DATA EXTRACTS START

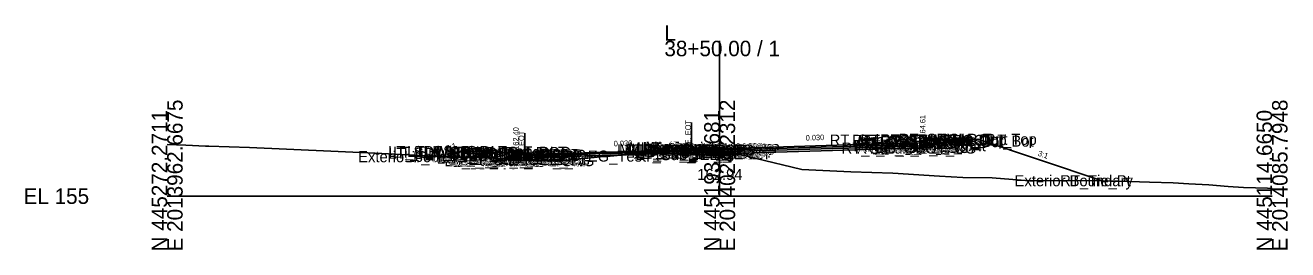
# Model space of a CAD drawing. Extents: x -26 to 4203, y -10 to 9526.
# Drawn here: x 1974.3 to 2202.8, y 8490.3 to 8530.9 of the extents above; entities that cross this region are included whole.
import ezdxf

# ---------------------------------------------------------------- set-up
doc = ezdxf.new("R2010")
doc.units = 0
for name, color, linetype in [('Default', 7, 'Continuous'), ('Exist CMT Pavement', 7, 'Continuous'), ('Exist Cross Section Cell', 7, 'Continuous'), ('Exist XS Center Line Elevation Label', 7, 'Continuous'), ('Exist XS Ground Line', 7, 'Continuous'), ('Prop CMT Conc Surface', 7, 'Continuous'), ('Prop CMT Concrete Structures', 7, 'Continuous'), ('Prop CMT Pvmt Course 1', 7, 'Continuous'), ('Prop CMT Pvmt Course 1 CG', 7, 'Continuous'), ('Prop CMT Pvmt Course 1 Wedge', 7, 'Continuous'), ('Prop CMT Pvmt Course 2', 7, 'Continuous'), ('Prop CMT Pvmt Course 2 Wedge', 7, 'Continuous'), ('Prop CMT Pvmt Course 3', 7, 'Continuous'), ('Prop CMT Pvmt Course 3 Wedge', 7, 'Continuous'), ('Prop CMT Pvmt Surface', 7, 'Continuous'), ('Prop CMT Pvmt Wedge Surface 1', 7, 'Continuous'), ('Prop CMT Pvmt Wedge Surface 2', 7, 'Continuous'), ('Prop CMT Pvmt Wedge Surface 3', 7, 'Continuous'), ('Prop CMT Slope Grass', 7, 'Continuous'), ('Prop CMT Subgrade Earthwork', 7, 'Continuous'), ('Prop XS Hydro Elevations', 7, 'Continuous'), ('Prop XS Label Text', 7, 'Continuous'), ('Prop XS SE Text', 7, 'Continuous'), ('Prop XS Side Slope Text', 7, 'Continuous'), ('Scratch_Level_0', 7, 'Continuous')]:
    doc.layers.add(name, color=color, linetype=linetype)

msp = doc.modelspace()

# ---------------------------------------------------------------- linework, layer by layer
at = {"layer": 'Exist CMT Pavement'}
for p, q in [((2092.29, 8508.19), (2093.66, 8508.29)), ((2093.66, 8508.29), (2094.88, 8508.36)), ((2067.25, 8506.43), (2068.19, 8506.42)), ((2068.19, 8506.42), (2071.18, 8506.42)), ((2071.18, 8506.42), (2072.66, 8506.57)), ((2072.66, 8506.57), (2074.76, 8506.77)), ((2074.76, 8506.77), (2076.13, 8506.91)), ((2076.13, 8506.91), (2078.99, 8507.16)), ((2078.99, 8507.16), (2082.95, 8507.5)), ((2082.95, 8507.5), (2085.29, 8507.68)), ((2085.29, 8507.68), (2088.44, 8507.94)), ((2088.44, 8507.94), (2092.29, 8508.19))]:
    msp.add_line(p, q, dxfattribs=at)
at = {"layer": 'Exist Cross Section Cell'}
for p, q in [((2100, 8500), (2100, 8528.13)), ((2000, 8500), (2100, 8500)), ((2100, 8500), (2200, 8500))]:
    msp.add_line(p, q, dxfattribs=at)
at = {"layer": 'Exist XS Ground Line'}
msp.add_lwpolyline([(2000, 8509.38), (2003.39, 8509.23), (2006.93, 8509.07), (2007.52, 8509.05), (2014.91, 8508.82), (2037.64, 8507.76), (2053.25, 8507.02), (2058.27, 8506.96), (2061.45, 8506.7), (2064.72, 8506.43), (2065.63, 8506.43), (2066.08, 8506.44), (2068.19, 8506.42), (2071.18, 8506.42), (2071.53, 8506.46), (2072.01, 8506.51), (2072.35, 8506.54), (2072.66, 8506.57), (2074.76, 8506.77), (2075.83, 8506.88), (2076.13, 8506.91), (2078.99, 8507.16), (2080.17, 8507.27), (2082.14, 8507.44), (2082.95, 8507.5), (2084.82, 8507.65), (2085.29, 8507.68), (2088.44, 8507.94), (2089.1, 8507.98), (2091.6, 8508.14), (2092.29, 8508.19), (2093.66, 8508.29), (2094.12, 8508.32), (2094.89, 8508.36), (2099.66, 8507.97), (2100, 8507.94), (2103.31, 8507.68), (2106.39, 8506.9), (2114.91, 8504.84), (2123.77, 8504.39), (2131.34, 8504.16), (2139.83, 8503.63), (2144.03, 8503.37), (2149.32, 8503.3), (2156.08, 8502.8), (2156.72, 8502.77), (2163.57, 8502.84), (2169.41, 8502.8), (2170.69, 8502.74), (2172.32, 8502.71), (2177.82, 8502.52), (2182.1, 8502.41), (2184.94, 8502.22), (2188.57, 8502.03), (2192.07, 8501.77), (2194.8, 8501.6), (2199.19, 8501.43), (2200, 8501.38)], dxfattribs=at)
at = {"layer": 'Prop CMT Conc Surface'}
for points in [[(2134.75, 8509.63), (2136.75, 8509.61)], [(2136.75, 8509.61), (2136.75, 8510.11), (2137.25, 8510.11)], [(2141.25, 8510.2), (2146.25, 8510.3)], [(2058.75, 8508), (2053.75, 8508.09)], [(2063.25, 8507.4), (2063.25, 8507.9), (2062.75, 8507.9)], [(2065.25, 8507.54), (2063.25, 8507.4)]]:
    msp.add_lwpolyline(points, dxfattribs=at)
at = {"layer": 'Prop CMT Concrete Structures'}
for points in [[(2091.5, 8508.33), (2091.51, 8508.5), (2092.26, 8508.75), (2093, 8508.82), (2093.74, 8508.84), (2094.49, 8508.59), (2094.5, 8508.42)], [(2094.5, 8508.42), (2091.5, 8508.33)], [(2134.75, 8509.63), (2136.75, 8509.61), (2136.75, 8510.11), (2137.25, 8510.11)], [(2137.25, 8510.11), (2137.25, 8509.12), (2134.75, 8509.05)], [(2134.75, 8509.05), (2134.75, 8509.63)], [(2146.25, 8510.3), (2141.25, 8510.2)], [(2141.25, 8510.2), (2141.25, 8509.87)], [(2141.25, 8509.87), (2146.25, 8509.97)], [(2146.25, 8509.97), (2146.25, 8510.3)], [(2053.75, 8507.76), (2053.75, 8508.09)], [(2053.75, 8508.09), (2058.75, 8508)], [(2058.75, 8507.66), (2053.75, 8507.76)], [(2058.75, 8508), (2058.75, 8507.66)], [(2065.25, 8507.54), (2063.25, 8507.4), (2063.25, 8507.9), (2062.75, 8507.9)], [(2062.75, 8507.9), (2062.75, 8506.89), (2065.25, 8506.96)], [(2065.25, 8506.96), (2065.25, 8507.54)]]:
    msp.add_lwpolyline(points, dxfattribs=at)
at = {"layer": 'Prop CMT Pvmt Course 1'}
for points in [[(2100, 8508.59), (2065.25, 8507.54)], [(2065.25, 8507.42), (2094.89, 8508.31)], [(2094.89, 8508.18), (2100, 8508.34)], [(2094.89, 8508.31), (2094.89, 8508.18)], [(2100, 8508.59), (2134.75, 8509.63)], [(2134.75, 8509.38), (2100, 8508.34)], [(2100, 8508.34), (2100, 8508.59)], [(2100, 8508.34), (2100, 8508.59)], [(2134.75, 8509.63), (2134.75, 8509.38)], [(2065.25, 8507.54), (2065.25, 8507.29), (2065.25, 8507.29), (2065.25, 8507.42)]]:
    msp.add_lwpolyline(points, dxfattribs=at)
msp.add_lwpolyline([(2100, 8508.34), (2100, 8508.46), (2100, 8508.46), (2100, 8508.34)], close=True, dxfattribs=at)
at = {"layer": 'Prop CMT Pvmt Course 1 CG'}
for points in [[(2134.75, 8509.05), (2137.75, 8509.14), (2138.07, 8508.81)], [(2134.75, 8508.71), (2134.75, 8509.05)], [(2138.07, 8508.81), (2134.75, 8508.71)], [(2065.25, 8506.96), (2062.25, 8506.87), (2061.82, 8506.44)], [(2061.82, 8506.44), (2067.25, 8506.61)], [(2065.25, 8506.54), (2065.25, 8506.96)]]:
    msp.add_lwpolyline(points, dxfattribs=at)
at = {"layer": 'Prop CMT Pvmt Course 1 Wedge'}
for points in [[(2065.25, 8507.42), (2065.39, 8507.42), (2065.63, 8507.43), (2066.08, 8507.44), (2068.19, 8507.51), (2071.18, 8507.6), (2071.53, 8507.61), (2072.01, 8507.62), (2072.35, 8507.63), (2072.66, 8507.64), (2074.76, 8507.71), (2075.83, 8507.74), (2076.13, 8507.75), (2078.99, 8507.83), (2080.17, 8507.87), (2082.14, 8507.93), (2082.84, 8507.95), (2082.95, 8507.95), (2082.97, 8507.95), (2083.19, 8507.96), (2084.82, 8508.01), (2085.29, 8508.02), (2088.25, 8508.11), (2088.44, 8508.12), (2089.1, 8508.14), (2091.6, 8508.21), (2092.29, 8508.23), (2093.23, 8508.26)], [(2093.23, 8508.26), (2092.29, 8508.19), (2091.6, 8508.14), (2090, 8508.04), (2089.1, 8508.01), (2088.44, 8507.99), (2088.25, 8507.98), (2085.29, 8507.9), (2084.82, 8507.88), (2083.19, 8507.83), (2082.97, 8507.83), (2082.95, 8507.83), (2082.84, 8507.82), (2082.14, 8507.8), (2080.17, 8507.74), (2078.99, 8507.71), (2076.13, 8507.62), (2075.83, 8507.61), (2074.76, 8507.58), (2072.66, 8507.52), (2072.35, 8507.51), (2072.01, 8507.5), (2071.53, 8507.48), (2071.18, 8507.47), (2068.19, 8507.38), (2066.08, 8507.32), (2065.63, 8507.31), (2065.39, 8507.3), (2065.25, 8507.29)], [(2065.25, 8507.29), (2065.25, 8507.42)]]:
    msp.add_lwpolyline(points, dxfattribs=at)
at = {"layer": 'Prop CMT Pvmt Course 2'}
for points in [[(2100, 8508.34), (2094.89, 8508.18)], [(2100, 8508.34), (2134.75, 8509.38)], [(2134.75, 8509.05), (2100, 8508)], [(2100, 8508), (2100, 8508.34)], [(2100, 8508), (2100, 8508.34)], [(2134.75, 8509.38), (2134.75, 8509.05)], [(2065.25, 8506.96), (2065.25, 8506.96), (2065.25, 8507.29), (2065.25, 8507.29)], [(2065.25, 8507.29), (2065.25, 8506.96)], [(2094.89, 8508.18), (2094.89, 8507.85)], [(2094.89, 8507.85), (2100, 8508)]]:
    msp.add_lwpolyline(points, dxfattribs=at)
at = {"layer": 'Prop CMT Pvmt Course 2 Wedge'}
for points in [[(2065.25, 8507.29), (2065.39, 8507.3), (2065.63, 8507.31), (2066.08, 8507.32), (2068.19, 8507.38), (2071.18, 8507.47), (2071.53, 8507.48), (2072.01, 8507.5), (2072.35, 8507.51), (2072.66, 8507.52), (2074.76, 8507.58), (2075.83, 8507.61), (2076.13, 8507.62), (2078.99, 8507.71), (2080.17, 8507.74), (2082.14, 8507.8), (2082.84, 8507.82), (2082.95, 8507.83), (2082.97, 8507.83), (2083.19, 8507.83), (2084.82, 8507.88), (2085.29, 8507.9), (2088.25, 8507.98), (2088.44, 8507.99), (2089.1, 8508.01), (2090, 8508.04)], [(2090, 8508.04), (2089.1, 8507.98), (2088.44, 8507.94), (2088.25, 8507.92), (2085.29, 8507.68), (2084.82, 8507.65), (2083.19, 8507.52), (2082.97, 8507.5), (2082.95, 8507.5), (2082.84, 8507.49), (2082.78, 8507.49), (2082.14, 8507.47), (2080.17, 8507.41), (2078.99, 8507.37), (2076.13, 8507.29), (2075.83, 8507.28), (2074.76, 8507.25), (2072.66, 8507.18), (2072.35, 8507.17), (2072.01, 8507.16), (2071.53, 8507.15), (2071.18, 8507.14), (2068.19, 8507.05), (2066.08, 8506.99), (2065.63, 8506.97), (2065.39, 8506.97), (2065.25, 8506.96)], [(2065.25, 8506.96), (2065.25, 8507.29)]]:
    msp.add_lwpolyline(points, dxfattribs=at)
at = {"layer": 'Prop CMT Pvmt Course 3'}
for points in [[(2100, 8508), (2134.75, 8509.05)], [(2134.75, 8508.71), (2100, 8507.67)], [(2134.75, 8509.05), (2134.75, 8508.71)], [(2065.25, 8506.96), (2065.25, 8506.96), (2065.25, 8506.63), (2065.25, 8506.63)], [(2065.25, 8506.63), (2065.25, 8506.96)], [(2100, 8508), (2094.89, 8507.85)], [(2094.89, 8507.85), (2094.89, 8507.52)], [(2094.89, 8507.52), (2100, 8507.67)], [(2100, 8507.67), (2100, 8508)], [(2100, 8507.67), (2100, 8508)]]:
    msp.add_lwpolyline(points, dxfattribs=at)
at = {"layer": 'Prop CMT Pvmt Course 3 Wedge'}
for points in [[(2065.25, 8506.96), (2065.39, 8506.97), (2065.63, 8506.97), (2066.08, 8506.99), (2068.19, 8507.05), (2071.18, 8507.14), (2071.53, 8507.15), (2072.01, 8507.16), (2072.35, 8507.17), (2072.66, 8507.18), (2074.76, 8507.25), (2075.83, 8507.28), (2076.13, 8507.29), (2078.99, 8507.37), (2080.17, 8507.41), (2082.14, 8507.47), (2082.78, 8507.49)], [(2082.78, 8507.49), (2082.14, 8507.44), (2080.17, 8507.27), (2078.99, 8507.16), (2076.13, 8506.91), (2075.83, 8506.88), (2074.76, 8506.77), (2072.66, 8506.57), (2072.35, 8506.54), (2072.01, 8506.51), (2071.53, 8506.46), (2071.18, 8506.42), (2068.19, 8506.42), (2066.08, 8506.44), (2065.63, 8506.43), (2065.39, 8506.43), (2065.25, 8506.43)], [(2065.25, 8506.54), (2065.25, 8506.96)]]:
    msp.add_lwpolyline(points, dxfattribs=at)
at = {"layer": 'Prop CMT Pvmt Surface'}
for points in [[(2100, 8508.59), (2065.25, 8507.54)], [(2100, 8508.59), (2134.75, 8509.63)]]:
    msp.add_lwpolyline(points, dxfattribs=at)
at = {"layer": 'Prop CMT Pvmt Wedge Surface 1'}
for points in [[(2094.89, 8508.31), (2065.25, 8507.42)], [(2100, 8508.34), (2094.89, 8508.18)], [(2094.89, 8508.18), (2094.89, 8508.31)], [(2100, 8508.59), (2100, 8508.34)], [(2065.25, 8507.29), (2065.25, 8507.54)], [(2065.25, 8507.42), (2065.25, 8507.29), (2065.25, 8507.29)]]:
    msp.add_lwpolyline(points, dxfattribs=at)
at = {"layer": 'Prop CMT Pvmt Wedge Surface 2'}
for points in [[(2100, 8508.34), (2065.25, 8507.29)], [(2100, 8508.59), (2100, 8508.34)], [(2065.25, 8507.29), (2065.25, 8507.54)]]:
    msp.add_lwpolyline(points, dxfattribs=at)
at = {"layer": 'Prop CMT Pvmt Wedge Surface 3'}
for points in [[(2100, 8508.59), (2100, 8508)], [(2100, 8508), (2065.25, 8506.96)], [(2065.25, 8506.96), (2065.25, 8507.54)]]:
    msp.add_lwpolyline(points, dxfattribs=at)
at = {"layer": 'Prop CMT Slope Grass'}
for points in [[(2137.25, 8510.11), (2146.75, 8510.3)], [(2146.75, 8510.3), (2169.25, 8502.8)], [(2053.25, 8508.09), (2050.43, 8507.15)], [(2062.75, 8507.9), (2053.25, 8508.09)]]:
    msp.add_lwpolyline(points, dxfattribs=at)
at = {"layer": 'Prop CMT Subgrade Earthwork'}
for points in [[(2100, 8507.67), (2094.89, 8507.52), (2094.88, 8508.36)], [(2100, 8507.67), (2134.75, 8508.71)], [(2134.75, 8508.71), (2138.07, 8508.81), (2139.41, 8510.15)], [(2067.25, 8506.61), (2061.82, 8506.44), (2060.31, 8507.95)], [(2067.25, 8506.61), (2067.25, 8506.43)]]:
    msp.add_lwpolyline(points, dxfattribs=at)
at = {"layer": 'Prop XS Label Text'}
for p, q in [((2094.89, 8513.36), (2094.89, 8508.36)), ((2064.72, 8511.43), (2064.72, 8506.43))]:
    msp.add_line(p, q, dxfattribs=at)

# ---------------------------------------------------------------- texts
at = {"layer": 'Default'}
msp.add_text('-', height=0.0001, dxfattribs=at).set_placement((2000, 8500))
at = {"layer": 'Exist Cross Section Cell'}
for s, p in [('L', (2090, 8528.13)), ('38+50.00 / 1', (2090, 8525.33)), ('EL 155', (1974, 8498.6))]:
    msp.add_text(s, height=2.8, dxfattribs=at).set_placement(p)
for s, p in [('N 445272.2711', (2000, 8490)), ('E 2013962.6675', (2002.8, 8490)), ('N 445193.4681', (2100, 8490)), ('E 2014024.2312', (2102.8, 8490)), ('N 445114.6650', (2200, 8490)), ('E 2014085.7948', (2202.8, 8490))]:
    msp.add_text(s, height=2.8, rotation=90, dxfattribs=at).set_placement(p)
at = {"layer": 'Exist XS Center Line Elevation Label'}
msp.add_text('162.94', height=2, dxfattribs=at).set_placement((2095.96, 8502.94))
at = {"layer": 'Prop XS Hydro Elevations'}
for s, p in [('164.61', (2137.25, 8510.61)), ('162.40', (2063.62, 8508.4))]:
    msp.add_text(s, height=1, rotation=90, dxfattribs=at).set_placement(p)
at = {"layer": 'Prop XS Label Text'}
for p in [(2094.79, 8509.39), (2064.62, 8507.46)]:
    msp.add_text('E. EOT', height=1, rotation=90, dxfattribs=at).set_placement(p)
at = {"layer": 'Prop XS SE Text'}
for rotation, p in [(1.7192, (2115.6, 8510.06)), (1.7176, (2080.85, 8509.01))]:
    msp.add_text('0.030', height=1, rotation=rotation, dxfattribs=at).set_placement(p)
at = {"layer": 'Prop XS Side Slope Text'}
for rotation, p in [(18.4349, (2050.69, 8508.17)), (341.5651, (2157.53, 8507.34))]:
    msp.add_text('3:1', height=1, rotation=rotation, dxfattribs=at).set_placement(p)
at = {"layer": 'Scratch_Level_0'}
for s, p in [('RT_Sub_Trench_Out_DLT', (2119.93, 8509.15)), ('RT_CG_Top_Face', (2123.96, 8509.11)), ('RT_CG_Top_Gut', (2124.94, 8508.61)), ('RT_PV1_OEOT', (2125.44, 8508.63)), ('RT_CG_Top_BOC', (2125.49, 8509.11)), ('RT_SDWK_In_Top', (2129.06, 8509.2)), ('RT_SDWK_In_Bot', (2129.09, 8508.87)), ('RT_SDWK_Out_Top', (2132.44, 8509.3)), ('RT_SDWK_Out_Bot', (2132.47, 8508.97)), ('CSLP_Pnt', (2139.62, 8509.3)), ('LT_SDWK_Out_Top', (2039.99, 8507.09)), ('LT_SDWK_Out_Bot', (2040.02, 8506.76)), ('LT_Sub_Trench_Out_DLT', (2040.88, 8506.95)), ('LT_CSLP_Pnt', (2043.42, 8507.09)), ('LT_SDWK_In_Top', (2046.61, 8507)), ('LT_SDWK_In_Bot', (2046.64, 8506.66)), ('LT_CG_Top_Face', (2050.51, 8506.9)), ('LT_CG_Top_BOC', (2051.03, 8506.9)), ('LT_CG_Top_Gut', (2051.49, 8506.4)), ('LT_PV2_OEEOP', (2054.56, 8506.29)), ('LT_PV1_OEEOP', (2055.12, 8506.42)), ('LT_PV2_OEOT', (2055.42, 8506.29)), ('LT_PV1_OEOT', (2055.99, 8506.54)), ('LT_PV_EG_TestPt', (2066.48, 8506.26)), ('LT_PV_Sub_Tie_In', (2081.44, 8507.36)), ('MI_Face Out', (2081.78, 8507.5)), ('MI_Bot Out', (2082.76, 8507.33)), ('LT_PV_IEEOP_EG', (2083.08, 8507.36)), ('MI_Top Out', (2083.49, 8507.75)), ('LT_Sub_IEEOP', (2084.75, 8506.52)), ('LT_PV2_IEEOP', (2084.84, 8507.18)), ('LT_PV3_IEEOP', (2084.84, 8506.85)), ('LT_PV1_IEEOP', (2085.41, 8507.31)), ('MI_Crown', (2086.07, 8507.82)), ('MI_Face In', (2086.38, 8507.59)), ('MI_Top In', (2086.59, 8507.84)), ('MI_Bot In', (2087.38, 8507.42)), ('RT_Sub_OEEOP', (2089.17, 8506.67)), ('RT_PV2_OEEOP', (2089.26, 8507.34)), ('RT_PV3_OEEOP', (2089.26, 8507)), ('RT_PV1_OEEOP', (2089.83, 8507.46)), ('RT_PV2_IEEOP', (2089.91, 8507.34)), ('RT_PV1_IEEOP', (2090.47, 8507.46)), ('LT_Sub_PGL', (2091.12, 8506.67)), ('RT_PV2_PGL', (2091.17, 8507.34)), ('LT_PV2_PGL', (2091.21, 8507.34)), ('LT_PV3_PGL', (2091.21, 8507)), ('RT_PV1_PGL', (2091.73, 8507.59)), ('LT_PV1_PGL', (2091.78, 8507.59)), ('RT_Sub_OEOT_CG', (2122.07, 8507.71)), ('RT_CG1_Shelf_Out', (2124.25, 8508.14)), ('RT_CG_Bot_IE', (2124.62, 8508.05)), ('RT_Sub_OEOT', (2124.78, 8507.71)), ('RT_PV2_OEOT', (2124.88, 8508.38)), ('RT_PV3_OEOT', (2124.88, 8508.05)), ('RT_CG_Bot_BOC', (2125.52, 8508.12)), ('RT_Sub_OEOP', (2128.14, 8507.81)), ('Exterior Boundary', (2034.57, 8506.15)), ('LT_Tie_Pt', (2042.87, 8506.15)), ('LT_CG1_Shelf_Out', (2048.8, 8505.87)), ('LT_PV_Sub_Tie_Out', (2050.21, 8505.43)), ('LT_CG_Bot_BOC', (2051.07, 8505.89)), ('LT_Sub_OEOP', (2051.93, 8505.44)), ('LT_Sub_OEOT_CG', (2052.62, 8505.54)), ('LT_PV_OEEOP_EG', (2052.79, 8505.43)), ('LT_Sub_OEEOP', (2054.46, 8505.63)), ('LT_PV3_OEEOP', (2054.56, 8505.96)), ('LT_CG_Bot_IE', (2055.16, 8505.96)), ('LT_Sub_OEOT', (2055.33, 8505.63)), ('LT_PV3_OEOT', (2055.42, 8505.96)), ('Exterior Boundary', (2153.39, 8501.8)), ('RT_Tie_Pt', (2161.64, 8501.8))]:
    msp.add_text(s, height=2, dxfattribs=at).set_placement(p)

doc.saveas('drawing.dxf')

DATA EXTRACTS END

• [WORK TO COMPLETE]: Repeat the listing above from its first line through the line that contains "doc.units = 0", both included, and nothing more. Drop the pictures.

• [TASK ANSWER]:
# Model space of a CAD drawing. Extents: x -26 to 4203, y -10 to 9526.
# Drawn here: x 1974.3 to 2202.8, y 8490.3 to 8530.9 of the extents above; entities that cross this region are included whole.
import ezdxf

# ---------------------------------------------------------------- set-up
doc = ezdxf.new("R2010")
doc.units = 0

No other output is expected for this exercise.